Nicht los wird Bettina Jarasch den ideologisch aufgeladenen Kampf um die autofreie Friedrichstraße. Nicht nur die Opposition, auch die Regierende Bürgermeisterin Franziska Giffey (SPD) triumphierte im Oktober nach der Niederlage vor Gericht, die bis zum Abschluss des laufenden Widmungverfahrens als Fußgängerzone die Wiederöffnung für den Autoverkehr erzwungen hatte.

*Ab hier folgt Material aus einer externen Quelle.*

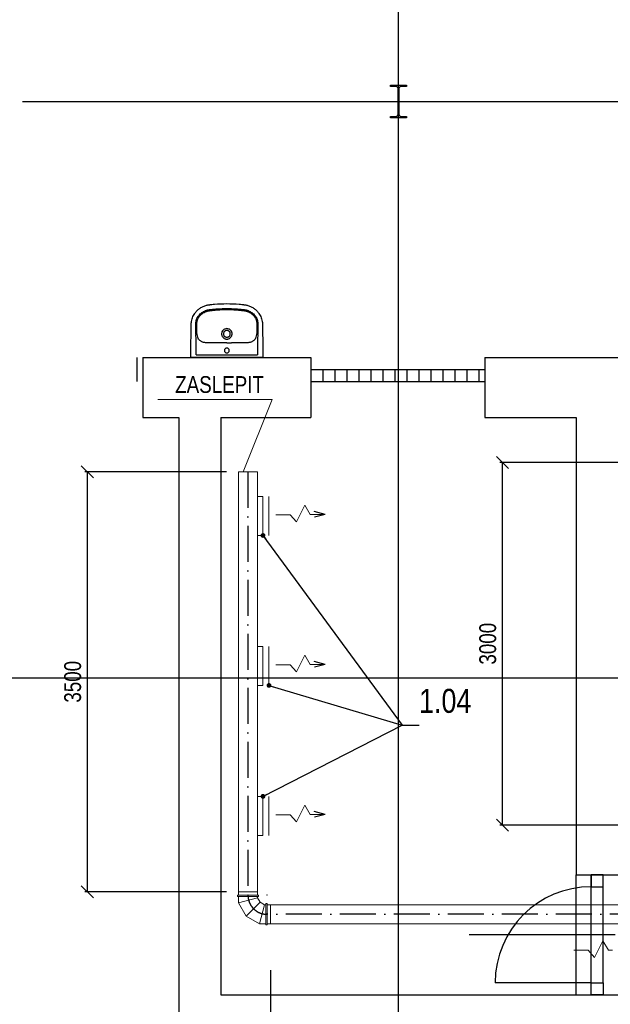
# Model space of a CAD drawing. Header units: millimetres. Extents: x 6491141 to 6692158, y 1846388 to 1929513.
# Tile 220 of 245: x 6659560 to 6664480, y 1898488 to 1906695. Entities that reach past the tile are written whole.
import ezdxf

# ---------------------------------------------------------------- set-up
doc = ezdxf.new("R2010")
doc.units = ezdxf.units.MM
doc.linetypes.add('ACAD_ISO10W100', pattern=[18, 12, -3, 0, -3])
doc.layers.add('Koty VzT', color=7, linetype='Continuous', lineweight=15)
doc.layers.add('VZT', color=130, linetype='Continuous', lineweight=18)
for name, color, linetype in [('Osy VzT', 253, 'ACAD_ISO10W100'), ('Pozice', 6, 'Continuous'), ('Stavba', 152, 'Continuous'), ('VzT šipky', 7, 'Continuous')]:
    doc.layers.add(name, color=color, linetype=linetype)
doc.styles.add('romans', font='arial.ttf', dxfattribs={"width": 0.8, "height": 140})
doc.dimstyles.new('koty50', dxfattribs={"dimtxt": 100, "dimasz": 100, "dimexe": 20, "dimexo": 100, "dimgap": 50, "dimtad": 3, "dimdec": 0, "dimtxsty": 'romans', "dimblk": 'OBLIQUE', "dimcen": -3, "dimclrd": 7, "dimclre": 7, "dimclrt": 7, "dimadec": 0, "dimazin": 0, "dimtfac": 1, "dimtdec": 0, "dimtmove": 0, "dimatfit": 3, "dimldrblk": 'OPEN30', "dimfxl": 1, "dimarcsym": 0})
doc.dimstyles.new('pozice50', dxfattribs={"dimtxt": 200, "dimasz": 40, "dimexe": 20, "dimexo": 100, "dimgap": 100, "dimtad": 3, "dimjust": 3, "dimdec": 0, "dimtxsty": 'romans', "dimblk": 'OBLIQUE', "dimcen": -3, "dimclrd": 7, "dimclre": 7, "dimclrt": 6, "dimadec": 0, "dimazin": 0, "dimtfac": 1, "dimtdec": 0, "dimtmove": 0, "dimatfit": 3, "dimldrblk": 'DOT', "dimfxl": 1, "dimarcsym": 0})

# ---------------------------------------------------------------- blocks, each defined once
blk = doc.blocks.new('_Oblique')
at = {"color": 0, "lineweight": -2}
blk.add_line((-0.5, -0.5), (0.5, 0.5), dxfattribs=at)
blk = doc.blocks.new('*D10')
at = {"layer": 'DEFPOINTS', "color": 0, "transparency": 16777216}
for p in [(6661650.1, 1898871.7), (6673328.5, 1898871.5, -78), (6673328.5, 1897262)]:
    blk.add_point(p, dxfattribs=at)
at = {"layer": 'Koty VzT', "color": 7, "lineweight": -2, "transparency": 16777216}
for p, q in [((6661650.1, 1898771.7), (6661650.1, 1897242)), ((6673328.5, 1898771.5), (6673328.5, 1897242)), ((6661650.1, 1897262), (6673328.5, 1897262))]:
    blk.add_line(p, q, dxfattribs=at)
at = {"layer": 'Koty VzT', "color": 7, "lineweight": -2, "transparency": 16777216, "xscale": 100, "yscale": 100, "zscale": 100, "rotation": 180}
blk.add_blockref('_Oblique', (6661650.1, 1897262), dxfattribs=at)
at = {"layer": 'Koty VzT', "color": 7, "lineweight": -2, "transparency": 16777216, "xscale": 100, "yscale": 100, "zscale": 100}
blk.add_blockref('_Oblique', (6673328.5, 1897262), dxfattribs=at)
at = {"layer": 'Koty VzT', "color": 7, "transparency": 16777216, "insert": (6667489.3, 1897383.5), "char_height": 140, "attachment_point": 5, "style": 'romans'}
blk.add_mtext('12000', dxfattribs=at)
blk = doc.blocks.new('_Open30')
at = {"color": 0, "linetype": 'ByBlock', "lineweight": -2}
for p, q in [((-1, 0.268), (0, 0)), ((0, 0), (-1, -0.268)), ((0, 0), (-1, 0))]:
    blk.add_line(p, q, dxfattribs=at)
blk = doc.blocks.new('*D11')
at = {"layer": 'DEFPOINTS', "color": 0, "transparency": 16777216}
for p in [(6661381.7, 1902926.2), (6660123.5, 1899426.2), (6661381.5, 1899426.2)]:
    blk.add_point(p, dxfattribs=at)
at = {"layer": 'Koty VzT', "color": 7, "lineweight": -2, "transparency": 16777216}
for p, q in [((6661281.7, 1902926.2), (6660103.5, 1902926.2)), ((6660123.5, 1902926.2), (6660123.5, 1899426.2)), ((6661281.5, 1899426.2), (6660103.5, 1899426.2))]:
    blk.add_line(p, q, dxfattribs=at)
at = {"layer": 'Koty VzT', "color": 7, "lineweight": -2, "transparency": 16777216, "xscale": 100, "yscale": 100, "zscale": 100}
for p, rotation in [((6660123.5, 1902926.2), 90), ((6660123.5, 1899426.2), 270)]:
    blk.add_blockref('_Oblique', p, dxfattribs=dict(at, rotation=rotation))
at = {"layer": 'Koty VzT', "color": 7, "transparency": 16777216, "insert": (6660002, 1901176.2), "char_height": 140, "attachment_point": 5, "rotation": 90, "style": 'romans'}
blk.add_mtext('3500', dxfattribs=at)
blk = doc.blocks.new('*D12')
at = {"layer": 'DEFPOINTS', "color": 0, "transparency": 16777216}
for p in [(6663581, 1903004.7), (6664689.3, 1903004.7, -4), (6664689.3, 1899982.2, -4)]:
    blk.add_point(p, dxfattribs=at)
at = {"layer": 'Koty VzT', "color": 7, "lineweight": -2, "transparency": 16777216}
for p, q in [((6664589.3, 1903004.7), (6663561, 1903004.7)), ((6663581, 1899982.2), (6663581, 1903004.7)), ((6664589.3, 1899982.2), (6663561, 1899982.2))]:
    blk.add_line(p, q, dxfattribs=at)
at = {"layer": 'Koty VzT', "color": 7, "lineweight": -2, "transparency": 16777216, "xscale": 100, "yscale": 100, "zscale": 100}
for p, rotation in [((6663581, 1903004.7), 90), ((6663581, 1899982.2), 270)]:
    blk.add_blockref('_Oblique', p, dxfattribs=dict(at, rotation=rotation))
at = {"layer": 'Koty VzT', "color": 7, "transparency": 16777216, "insert": (6663459.5, 1901493.4), "char_height": 140, "attachment_point": 5, "rotation": 90, "style": 'romans'}
blk.add_mtext('3000', dxfattribs=at)
blk = doc.blocks.new('_Dot')
at = {"color": 0, "linetype": 'ByBlock', "lineweight": -2}
blk.add_line((-0.5, 0), (-1, 0), dxfattribs=at)
at = {"color": 0, "linetype": 'ByBlock', "const_width": 0.5}
blk.add_lwpolyline([(-0.25, 0, 1), (0.25, 0, 1)], format="xyb", close=True, dxfattribs=at)

msp = doc.modelspace()

# ---------------------------------------------------------------- linework, layer by layer
at = {"layer": 'Koty VzT'}
for q in [(6660711, 1903529.6), (6661420.8, 1902926.2)]:
    msp.add_line((6661663.4, 1903529.6), q, dxfattribs=at)
at = {"layer": 'Osy VzT', "ltscale": 25}
for p, q in [((6661461.7, 1902926.2), (6661461.6, 1899426.2)), ((6673328.5, 1899237.8), (6661611.5, 1899237.8))]:
    msp.add_line(p, q, dxfattribs=at)
msp.add_arc((6661621.4, 1899397.7), 160, 180, 270, dxfattribs=at)
at = {"layer": 'Stavba'}
for p, q in [((6662715.7, 1895377.8), (6662715.7, 1915526)), ((6662648.2, 1906137.6), (6662648.2, 1906147.8)), ((6662648.2, 1906147.8), (6662783.2, 1906147.8)), ((6662697.4, 1906137.6), (6662648.2, 1906137.6)), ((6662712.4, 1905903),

Giffey habe wohl gar nicht verstanden, worum es bei dem Urteil geht, keilte Jarasch postwendend zurück. Ihre Empörung war sicher nicht nur dem aufziehenden Wahlkampf geschuldet, sondern es ging wohl vor allem darum, dass die Regierende einfach etwas dahersagt, ohne sich mit der Materie auseinandergesetzt zu haben – was bei Giffey und Verkehrsthemen eher die Regel als die Ausnahme ist. Nicht umsonst sagt Bettina Jarasch in Friedenau, dass es eine »andere Führungskultur« im Roten Rathaus brauche.

»Es ist so viel leichter, schöne Schlagzeilen zu formulieren. Es ist sehr viel schwieriger, die Aufgaben auch anzugehen. Ich bin eine, die dafür steht, dass ich die Aufgaben auch wirklich angehe«, sagt Jarasch zu »nd« über ihre Verkehrspolitik. Da scheint es nur konsequent, das Mammutthema Verwaltungsreform ernsthaft umsetzen zu wollen.

»Es ist Zeit für eine neue Führung in dieser Stadt, die die nötigen Veränderungen mit Energie und einem klaren Ziel vor Augen angeht. Das Wahldesaster hat gezeigt, dass 21 Jahre SPD-Führung der Stadt nicht gutgetan haben«, sagt die Grünen-Spitzenkandidatin auf der Friedenauer Bühne.

Bettina Jarasch baut darauf, es diesmal in dem »spannenden Rennen« wirklich auf Platz eins schaffen zu können und die »progressive Koalition« mit SPD und Linke als Chefin fortzusetzen. »Unsere Chancen sind sehr, sehr gut. Wir sind der einzige der drei Koalitionspartner, der auch in der Regierungszeit an Zustimmung gewonnen hat. Ich bin nicht mehr die unbekannte Kandidatin«, sagt sie.

Doch bekannt heißt nicht unbedingt beliebt. »Ich will die Jarasch nicht sehen. Ich finde die furchtbar«, sagt kurz vor dem Eintreffen der Spitzenkandidatin ein Kinderwagen schiebender Mann zu seiner Frau. Außer den an die 100 Parteimitgliedern verfolgen vielleicht zwei Handvoll Menschen den Wahlkampf-Auftakt am Neujahrsmorgen. Bei den selbst gebackenen, mit grünem Zuckerguss überzogenen Igel-Plätzchen greift kaum jemand zu.